Mas se você quiser uma experiência gastronômica inesquecível na Serra da Mantiqueira, e se o seu bolso permitir, visite o Mina, restaurante do belo Hotel & Spa Botanique, em São Antônio do Pinhal (SP). Lá brilha como nunca o chef Gabriel Broide, que resolveu deixar para trás prêmios e elogios constantes de críticos e foodies de São Paulo para viver uma vida pacata e simples na Mantiqueira. Prove, por exemplo, as vieiras em calda de pinhão, na melhor versão mar & montanha da gastronomia, e costumeiramente servidas no outono. Ou o cordeiro. E depois me conte.

E quem não tiver tempo para visitar fazendas ou restaurantes, pode comprar os produtos locais em um entreposto bem sortido, como o do Café no Bosque (leia mais sobre ele na nossa página Delícias da Montanha), que fica dentro do Bosque do Silêncio, um parque bem cuidado localizado em Campos do Jordão (SP).

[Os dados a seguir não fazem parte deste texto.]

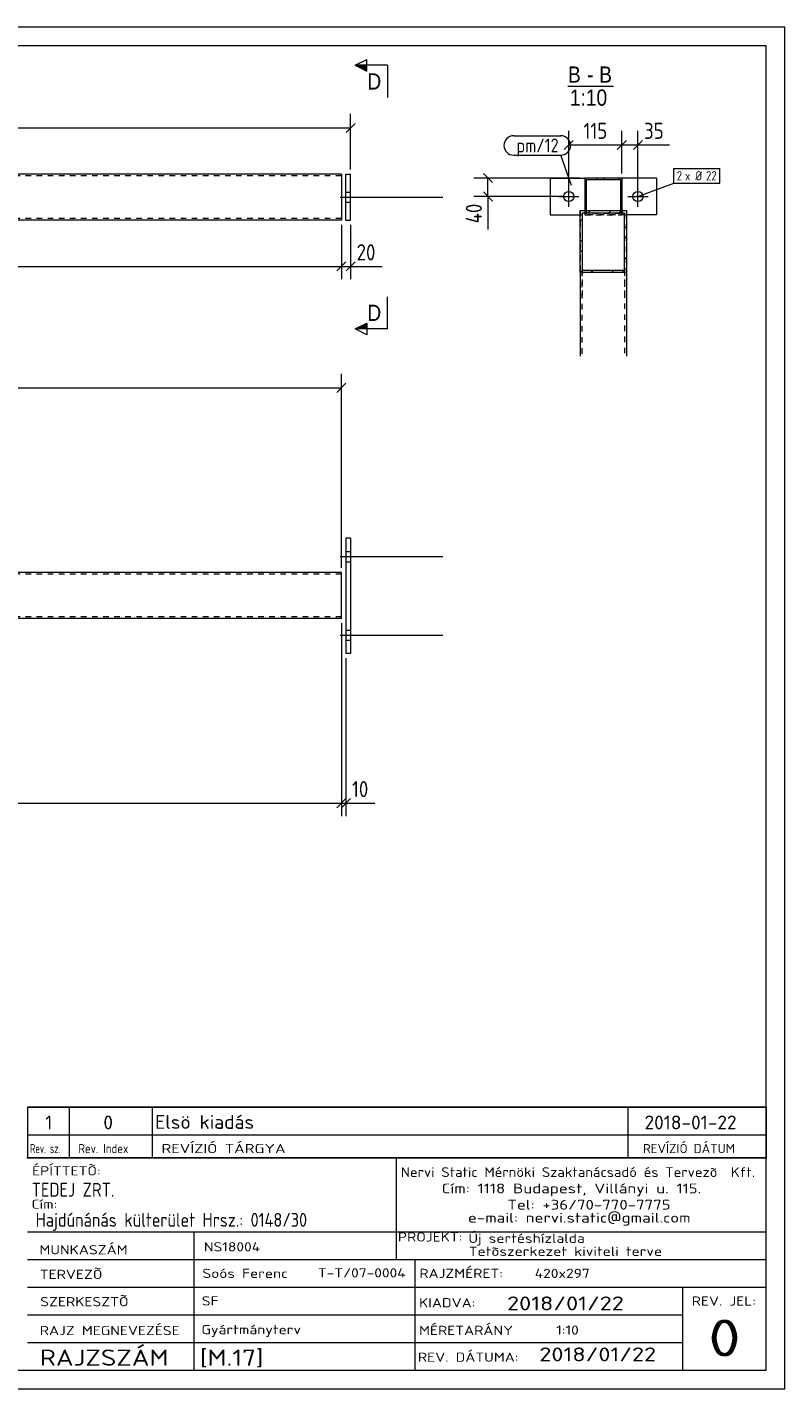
# Model space of a CAD drawing. Header units: millimetres. Extents: x 1 to 419, y 1 to 296.
# Tile 2 of 2: x 255 to 419, y 1 to 296. Entities that reach past the tile are written whole.
import ezdxf

# ---------------------------------------------------------------- set-up
doc = ezdxf.new("R2010")
doc.units = ezdxf.units.MM
doc.header["$LTSCALE"] = 0.6
doc.linetypes.add('XKITLINE00', pattern=[0])
doc.linetypes.add('XKITLINE02', pattern=[4, 2, -2])
for name, color, linetype, lineweight in [('Bolt', 7, 'Continuous', 0), ('BoltMark', 3, 'Continuous', 0), ('DrawingSheet', 5, 'Continuous', 0), ('OtherObjectType', 1, 'Continuous', 0), ('Part', 2, 'Continuous', 0), ('PartMark', 3, 'Continuous', 0), ('Section', 6, 'Continuous', 0), ('Z-DIMENSIONS', 1, 'Continuous', 0)]:
    doc.layers.add(name, color=color, linetype=linetype, lineweight=lineweight)
doc.styles.add('ARIAL', font='ARIAL.TTF')
doc.styles.add('ISOCPEUR', font='ISOCPEUR.TTF')

msp = doc.modelspace()

# ---------------------------------------------------------------- hatches: boundary and pattern name
at = {"layer": 'Section'}
for points in [[(328.45, 286.5), (325.95, 287.75), (328.45, 287.75)], [(328.45, 230.62), (325.95, 230.62), (328.45, 231.87)]]:
    msp.add_hatch(color=6, dxfattribs=at).paths.add_polyline_path(points, flags=17)

# ---------------------------------------------------------------- linework, layer by layer
at = {"layer": 'Bolt', "color": 3, "linetype": 'XKITLINE00', "lineweight": 0}
for p, q in [((323.95, 260.27), (324.95, 260.27)), ((323.95, 260.27), (324.95, 260.27)), ((372.2, 257.12), (372.2, 261.52)), ((387.2, 257.12), (387.2, 261.52)), ((322.7, 259.17), (344.95, 259.17)), ((322.7, 259.17), (344.95, 259.17)), ((323.95, 258.07), (324.95, 258.07)), ((323.95, 258.07), (324.95, 258.07)), ((370, 259.32), (374.4, 259.32)), ((385, 259.32), (389.4, 259.32)), ((322.7, 181.3), (344.95, 181.3)), ((323.95, 182.4), (324.95, 182.4)), ((323.95, 180.2), (324.95, 180.2)), ((323.95, 165.4), (324.95, 165.4)), ((322.7, 164.3), (344.95, 164.3)), ((323.95, 163.2), (324.95, 163.2))]:
    msp.add_line(p, q, dxfattribs=at)
for centre in [(372.2, 259.32), (387.2, 259.32)]:
    msp.add_circle(centre, 1.1, dxfattribs=at)
at = {"layer": 'BoltMark', "color": 7, "linetype": 'XKITLINE00', "lineweight": 0}
for p, q in [((395, 265.42), (404.96, 265.42)), ((395, 262.22), (395, 265.42)), ((404.96, 262.22), (404.96, 265.42)), ((387.2, 259.32), (395, 262.22)), ((395, 262.22), (404.96, 262.22))]:
    msp.add_line(p, q, dxfattribs=at)
at = {"layer": 'DrawingSheet', "color": 2, "linetype": 'XKITLINE00', "lineweight": 0}
for p, q in [((419, 296), (1, 296)), ((419, 1), (419, 296)), ((1, 1), (419, 1))]:
    msp.add_line(p, q, dxfattribs=at)
at = {"layer": 'DrawingSheet', "color": 3, "linetype": 'XKITLINE00', "lineweight": 0}
for p, q in [((415, 292), (5, 292)), ((415, 5), (415, 292)), ((5, 5), (415, 5))]:
    msp.add_line(p, q, dxfattribs=at)
at = {"layer": 'OtherObjectType', "color": 6, "linetype": 'XKITLINE00', "lineweight": 0}
msp.add_line((372.04, 283.25), (381.92, 283.25), dxfattribs=at)
at = {"layer": 'OtherObjectType', "color": 7, "linetype": 'XKITLINE00', "lineweight": 0}
for p, q in [((255, 62.05), (415, 62.05)), ((255, 62.05), (255, 56.05)), ((264, 62.05), (264, 56.05)), ((282, 62.05), (282, 56.05)), ((385, 62.05), (385, 56.05)), ((415, 62.05), (415, 56.05)), ((255, 56.05), (255, 51.05)), ((255, 56.05), (415, 56.05)), ((264, 56.05), (264, 51.05)), ((282, 56.05), (282, 51.05)), ((385, 56.05), (385, 51.05)), ((415, 56.05), (415, 51.05)), ((254.84, 51.05), (415, 51.05)), ((415, 51.05), (255, 51.05)), ((334.84, 51), (334.84, 35)), ((414.98, 5), (415, 51.05)), ((254.98, 35), (414.98, 35)), ((290.98, 35), (290.98, 5)), ((334.84, 35), (334.84, 29)), ((254.98, 29), (338.84, 29)), ((338.84, 29), (338.84, 5)), ((338.84, 29), (414.84, 29)), ((254.98, 23), (414.98, 23)), ((396.84, 23), (396.84, 5)), ((254.98, 17), (396.84, 17)), ((254.98, 11), (396.98, 11)), ((254.98, 5), (414.98, 5))]:
    msp.add_line(p, q, dxfattribs=at)
at = {"layer": 'OtherObjectType', "color": 1, "linetype": 'XKITLINE00', "lineweight": 0}
for p, q in [((415, 62.05), (255, 62.05)), ((255, 56.05), (415, 56.05))]:
    msp.add_line(p, q, dxfattribs=at)
at = {"layer": 'Part', "color": 2, "linetype": 'XKITLINE00', "lineweight": 0}
for p, q in [((322.95, 264.18), (194.7, 264.18)), ((322.95, 264.18), (322.95, 254.18)), ((323.95, 254.17), (323.95, 264.17)), ((323.95, 264.17), (324.95, 264.17)), ((324.95, 254.17), (324.95, 264.17)), ((368.2, 263.32), (368.2, 255.32)), ((368.2, 263.32), (375.7, 263.32)), ((383.7, 263.32), (375.7, 263.32)), ((375.7, 263.32), (375.7, 256.28)), ((376, 263.02), (376, 256.28)), ((376, 263.02), (383.4, 263.02)), ((383.4, 263.02), (383.4, 256.28)), ((391.2, 263.32), (383.7, 263.32)), ((383.7, 263.32), (383.7, 256.28)), ((391.2, 263.32), (391.2, 255.32)), ((322.95, 254.18), (194.7, 254.18)), ((323.95, 254.17), (324.95, 254.17)), ((368.2, 255.32), (374.7, 255.32)), ((374.7, 242.83), (374.7, 256.28)), ((374.7, 256.28), (384.7, 256.28)), ((375.1, 255.74), (375.1, 243.37)), ((384.3, 255.74), (375.1, 255.74)), ((376, 256.28), (375.7, 256.28)), ((383.7, 256.28), (383.4, 256.28)), ((384.3, 243.37), (384.3, 255.74)), ((384.7, 256.28), (384.7, 242.83)), ((391.2, 255.32), (384.7, 255.32)), ((384.7, 242.83), (374.7, 242.83)), ((374.7, 242.83), (374.7, 224.72)), ((375.1, 243.37), (384.3, 243.37)), ((384.7, 242.83), (384.7, 224.72)), ((324.95, 185.3), (323.95, 185.3)), ((323.95, 185.3), (323.95, 160.3)), ((324.95, 185.3), (324.95, 160.3)), ((322.95, 177.87), (194.7, 177.87)), ((322.95, 167.87), (322.95, 177.87)), ((322.95, 167.87), (194.7, 167.87)), ((324.95, 160.3), (323.95, 160.3))]:
    msp.add_line(p, q, dxfattribs=at)
at = {"layer": 'Part', "color": 7, "linetype": 'XKITLINE02', "lineweight": 0}
for p, q in [((322.95, 263.78), (194.7, 263.78)), ((383.7, 263.32), (375.7, 263.32)), ((322.95, 254.58), (194.7, 254.58)), ((374.7, 256.28), (374.7, 238.17)), ((384.7, 255.32), (374.7, 255.32)), ((375.1, 255.74), (375.1, 237.63)), ((375.7, 256.28), (375.7, 255.32)), ((375.7, 255.32), (383.7, 255.32)), ((376, 256.28), (376, 255.62)), ((383.4, 255.62), (376, 255.62)), ((383.4, 256.28), (383.4, 255.62)), ((383.7, 256.28), (383.7, 255.32)), ((384.3, 255.74), (384.3, 237.63)), ((384.7, 256.28), (384.7, 238.17)), ((375.1, 242.83), (375.1, 243.37)), ((375.1, 225.26), (375.1, 242.83)), ((384.3, 243.37), (384.3, 225.26)), ((322.95, 177.47), (194.7, 177.47)), ((322.95, 168.27), (194.7, 168.27))]:
    msp.add_line(p, q, dxfattribs=at)
at = {"layer": 'Part', "color": 11, "linetype": 'XKITLINE00', "lineweight": 0}
for p, q in [((376, 262.3), (375.7, 262.6)), ((378.45, 263.02), (378.15, 263.32)), ((380.03, 263.02), (379.73, 263.32)), ((383.19, 263.02), (382.89, 263.32)), ((383.7, 262.51), (383.4, 262.81)), ((376, 260.72), (375.7, 261.02)), ((383.7, 259.34), (383.4, 259.64)), ((376, 257.56), (375.7, 257.86)), ((375.7, 257.86), (375.7, 257.86)), ((383.7, 257.76), (383.4, 258.06)), ((374.7, 254.05), (375.1, 254.45)), ((375.7, 256.28), (375.7, 256.28)), ((375.7, 256.28), (375.7, 256.28)), ((376.39, 255.74), (376.93, 256.28)), ((380.88, 255.74), (381.42, 256.28)), ((383.12, 255.74), (383.66, 256.28)), ((384.3, 252.43), (384.7, 252.83)), ((374.7, 249.56), (375.1, 249.96)), ((384.3, 250.18), (384.7, 250.58)), ((374.7, 247.32), (375.1, 247.72)), ((384.3, 245.69), (384.7, 246.09)), ((374.7, 242.83), (375.24, 243.37)), ((374.7, 242.83), (374.7, 242.83)), ((376.95, 242.83), (377.49, 243.37)), ((376.95, 242.83), (376.95, 242.83)), ((381.44, 242.83), (381.98, 243.37)), ((383.68, 242.83), (384.22, 243.37)), ((384.3, 243.45), (384.7, 243.85))]:
    msp.add_line(p, q, dxfattribs=at)
at = {"layer": 'PartMark', "color": 7, "linetype": 'XKITLINE00', "lineweight": 0}
for p, q in [((360.28, 272.48), (370.5, 272.48)), ((360.28, 268.28), (370.5, 268.28)), ((372.83, 261.69), (370.5, 268.28))]:
    msp.add_line(p, q, dxfattribs=at)
for centre, start, end in [((360.28, 270.38), 90, 270), ((370.5, 270.38), 270, 90)]:
    msp.add_arc(centre, 2.1, start, end, dxfattribs=at)
at = {"layer": 'Section', "color": 6, "linetype": 'XKITLINE00', "lineweight": 0}
for p, q in [((325.95, 287.75), (328.45, 289)), ((325.95, 287.75), (328.45, 286.5)), ((332.95, 287.75), (325.95, 287.75)), ((328.45, 286.5), (328.45, 289)), ((332.95, 287.75), (332.95, 280.75)), ((332.95, 230.62), (332.95, 237.62)), ((325.95, 230.62), (328.45, 231.87)), ((328.45, 229.37), (325.95, 230.62)), ((332.95, 230.62), (325.95, 230.62)), ((328.45, 231.87), (328.45, 229.37))]:
    msp.add_line(p, q, dxfattribs=at)
at = {"layer": 'Z-DIMENSIONS', "color": 7, "linetype": 'XKITLINE00', "lineweight": 0}
for p, q in [((325.94, 275.17), (323.96, 273.19)), ((324.95, 265.17), (324.95, 277.23)), ((37.5, 274.18), (324.95, 274.18)), ((373.19, 271.49), (371.21, 269.51)), ((372.2, 260.32), (372.2, 273.55)), ((384.69, 271.49), (382.71, 269.51)), ((384.69, 271.49), (382.71, 269.51)), ((383.7, 264.32), (383.7, 273.55)), ((383.7, 264.32), (383.7, 273.55)), ((388.19, 271.49), (386.21, 269.51)), ((387.2, 260.32), (387.2, 273.55)), ((372.2, 270.5), (383.7, 270.5)), ((383.7, 270.5), (387.2, 270.5)), ((387.2, 270.5), (394.04, 270.5)), ((387.2, 270.5), (394.04, 270.5)), ((374.7, 263.32), (351.65, 263.32)), ((353.71, 264.31), (355.69, 262.33)), ((354.7, 259.32), (354.7, 263.32)), ((353.71, 260.31), (355.69, 258.33)), ((371.2, 259.32), (351.65, 259.32)), ((354.7, 259.32), (354.7, 252.18)), ((354.7, 259.32), (354.7, 252.18)), ((322.95, 253.18), (322.95, 241.38)), ((322.95, 253.18), (322.95, 241.38)), ((324.95, 253.17), (324.95, 241.38)), ((323.94, 245.17), (321.96, 243.19)), ((323.94, 245.17), (321.96, 243.19)), ((325.94, 245.17), (323.96, 243.19)), ((38.5, 244.18), (322.95, 244.18)), ((322.95, 244.18), (324.95, 244.18)), ((324.95, 244.18), (331.79, 244.18)), ((324.95, 244.18), (331.79, 244.18)), ((323.94, 218.86), (321.96, 216.88)), ((322.95, 178.87), (322.95, 220.92)), ((44.15, 217.87), (322.95, 217.87)), ((322.95, 166.87), (322.95, 125.07)), ((322.95, 166.87), (322.95, 125.07)), ((323.95, 159.3), (323.95, 125.07)), ((54.68, 127.87), (322.95, 127.87)), ((323.94, 128.86), (321.96, 126.88)), ((323.94, 128.86), (321.96, 126.88)), ((322.95, 127.87), (323.95, 127.87)), ((324.94, 128.86), (322.96, 126.88)), ((323.95, 127.87), (330.19, 127.87)), ((323.95, 127.87), (330.19, 127.87))]:
    msp.add_line(p, q, dxfattribs=at)
at = {"layer": 'Z-DIMENSIONS', "color": 3}
for p in [(324.95, 274.18), (372.2, 270.5), (383.7, 270.5), (383.7, 270.5), (387.2, 270.5), (354.7, 263.32), (354.7, 259.32), (322.95, 244.18), (322.95, 244.18), (324.95, 244.18), (322.95, 217.87), (322.95, 127.87), (322.95, 127.87), (323.95, 127.87)]:
    msp.add_point(p, dxfattribs=at)

# ---------------------------------------------------------------- texts
at = {"layer": 'BoltMark', "color": 3, "style": 'ISOCPEUR', "width": 0.85}
for s, p in [('2', (395.6, 262.82)), ('x Ø', (397.4, 262.82)), ('22', (401.95, 262.82))]:
    msp.add_text(s, height=2, dxfattribs=at).set_placement(p)
at = {"layer": 'OtherObjectType', "color": 6, "style": 'ARIAL', "width": 0.85}
for s, p in [('B', (372.04, 284)), ('B', (378.81, 284)), ('-', (376.2, 284)), ('1:10', (372.44, 279))]:
    msp.add_text(s, height=3.5, dxfattribs=at).set_placement(p)
at = {"layer": 'OtherObjectType', "color": 7, "style": 'ISOCPEUR'}
for s, height, width, p in [('1', 3, 1.017001, (258.82, 57.2)), ('0', 3, 1.017001, (271.4, 57.2)), ('Elsö kiadás', 3, 1.017001, (282.63, 57.31)), ('2018-01-22', 3, 1.017001, (388.62, 57.2)), ('Rev. sz.', 2, 0.68, (255.54, 52.05)), ('Rev. Index', 2, 0.85, (266, 52.05)), ('REVÍZIÓ TÁRGYA', 2, 1.275, (284, 52.05)), ('REVÍZIÓ DÁTUM', 2, 1.02, (388.28, 52.05)), ('ÉPÍTTETÕ:', 2, 1.211571, (255.96, 47.22)), ('Nervi Static Mérnöki\xa0Szaktanácsadó\xa0és\xa0Tervezõ  Kft.', 2.1176, 1.08375, (335.84, 46.88)), ('TEDEJ ZRT.', 3, 0.85, (255.87, 42.62)), ('Cím:\xa01118 Budapest, Villányi u. 115.', 2.1176, 1.250101, (344.68, 43.35)), ('Cím:', 2, 1.211571, (255.84, 40)), ('Tel:\xa0+36/70-770-7775', 2.1176, 1.250101, (358.91, 39.82)), ('Hajdúnánás külterület Hrsz.: 0148/30', 3, 0.85, (256.73, 36.1)), ('e-mail:\xa0nervi.static@gmail.com', 2.1176, 1.250101, (350.38, 37)), ('MUNKASZÁM', 2, 1.211571, (257.55, 30.12)), ('NS18004', 2, 1.211571, (293.17, 30.76)), ('PROJEKT:', 2, 1.211571, (335.18, 32.9)), ('Új sertéshízlalda', 2, 1.211571, (350.47, 32.6)), ('Tetõszerkezet kiviteli terve', 2, 1.211571, (350.54, 29.78)), ('TERVEZÕ', 2, 1.211571, (257.63, 24.79)), ('Soós Ferenc', 2, 1.211571, (292.84, 25)), ('T-T/07-0004', 2, 1.211571, (317.86, 25.11)), ('RAJZMÉRET:', 2, 1.211571, (339.84, 25)), ('420x297', 2, 1.211571, (364.84, 25)), ('SZERKESZTÕ', 2, 1.211571, (257.72, 18.87)), ('SF', 2, 1.211571, (292.72, 19.04)), ('2018/01/22', 3, 1.275, (358.84, 18)), ('REV. JEL:', 2, 1.211571, (398.84, 19)), ('KIADVA:', 2, 1.211571, (339.78, 18.64)), ('RAJZ MEGNEVEZÉSE', 2, 1.211571, (257.62, 12.62)), ('Gyártmányterv', 2, 1.211571, (292.65, 12.82)), ('MÉRETARÁNY', 2, 1.211571, (339.78, 12.65)), ('1:10', 2, 1.211571, (369.51, 12.72)), ('0', 8, 1.275, (402.45, 8)), ('RAJZSZÁM', 3.5, 1.211571, (257.62, 6)), ('[M.17]', 3.5, 1.211571, (292.3, 5.99)), ('REV. DÁTUMA:', 2, 1.211571, (339.53, 6.85)), ('2018/01/22', 3, 1.275, (365.83, 6.95))]:
    msp.add_text(s, height=height, dxfattribs=dict(at, width=width)).set_placement(p)
at = {"layer": 'PartMark', "color": 3, "style": 'ISOCPEUR', "width": 0.85}
msp.add_text('pm/12', height=3, dxfattribs=at).set_placement((360.88, 268.88))
at = {"layer": 'Section', "color": 6, "style": 'ARIAL', "width": 0.85}
for p in [(328.58, 282.5), (328.58, 232.37)]:
    msp.add_text('D', height=3.5, dxfattribs=at).set_placement(p)
at = {"layer": 'Z-DIMENSIONS', "color": 3, "style": 'ISOCPEUR', "width": 0.85}
for s, p in [('115', (375.4, 271.8)), ('35', (388.52, 271.8)), ('20', (326.26, 245.48)), ('10', (325.26, 129.17))]:
    msp.add_text(s, height=3.5, dxfattribs=at).set_placement(p)
msp.add_text('40', height=3.5, rotation=90.0002, dxfattribs=at).set_placement((353.4, 253.5))

doc.saveas('drawing.dxf')

E tem muito mais. Mas quero terminar com um convite: além experimentar gostosuras e se deliciar com a paisagem, quando for para a Serra da Mantiqueira faça o possível para interagir com as pessoas de lá. Foi assim que encontrei o senhor Tadaki, um mestre  de 77 anos com mãos calejadas pelo seu trabalho como agricultor. O conheci junto à sua hospitaleira família num lugar simples, mas de beleza incomparável, o Café com Orquídea (veja em nosso BLOG a matéria Café com Orquídea). O espaço do jardins, varanda e cafeteria foi construído por ele mesmo, com varas de bambus entrecruzadas, e está localizado em Santo Antônio do Pinhal (SP). Sim, no começo, todos são tímidos. Mas, em minutos, ele já me ensina como fazer uma sandália de palha e assim salvar-me de andar descalça numa floresta, cena que o impressionou muito quando viu Perdidos e Pelados na televisão. E, ao lado de um café e uma fatia de banoffee, torta feita com banana, caramelo e chantilly, ele me conta entre risadas e lágrimas sua história de vida. Que é um pouco a sua história, mas também muito da história da gente de fibra da própria Mantiqueira. Viver experiências como essa não tem preço.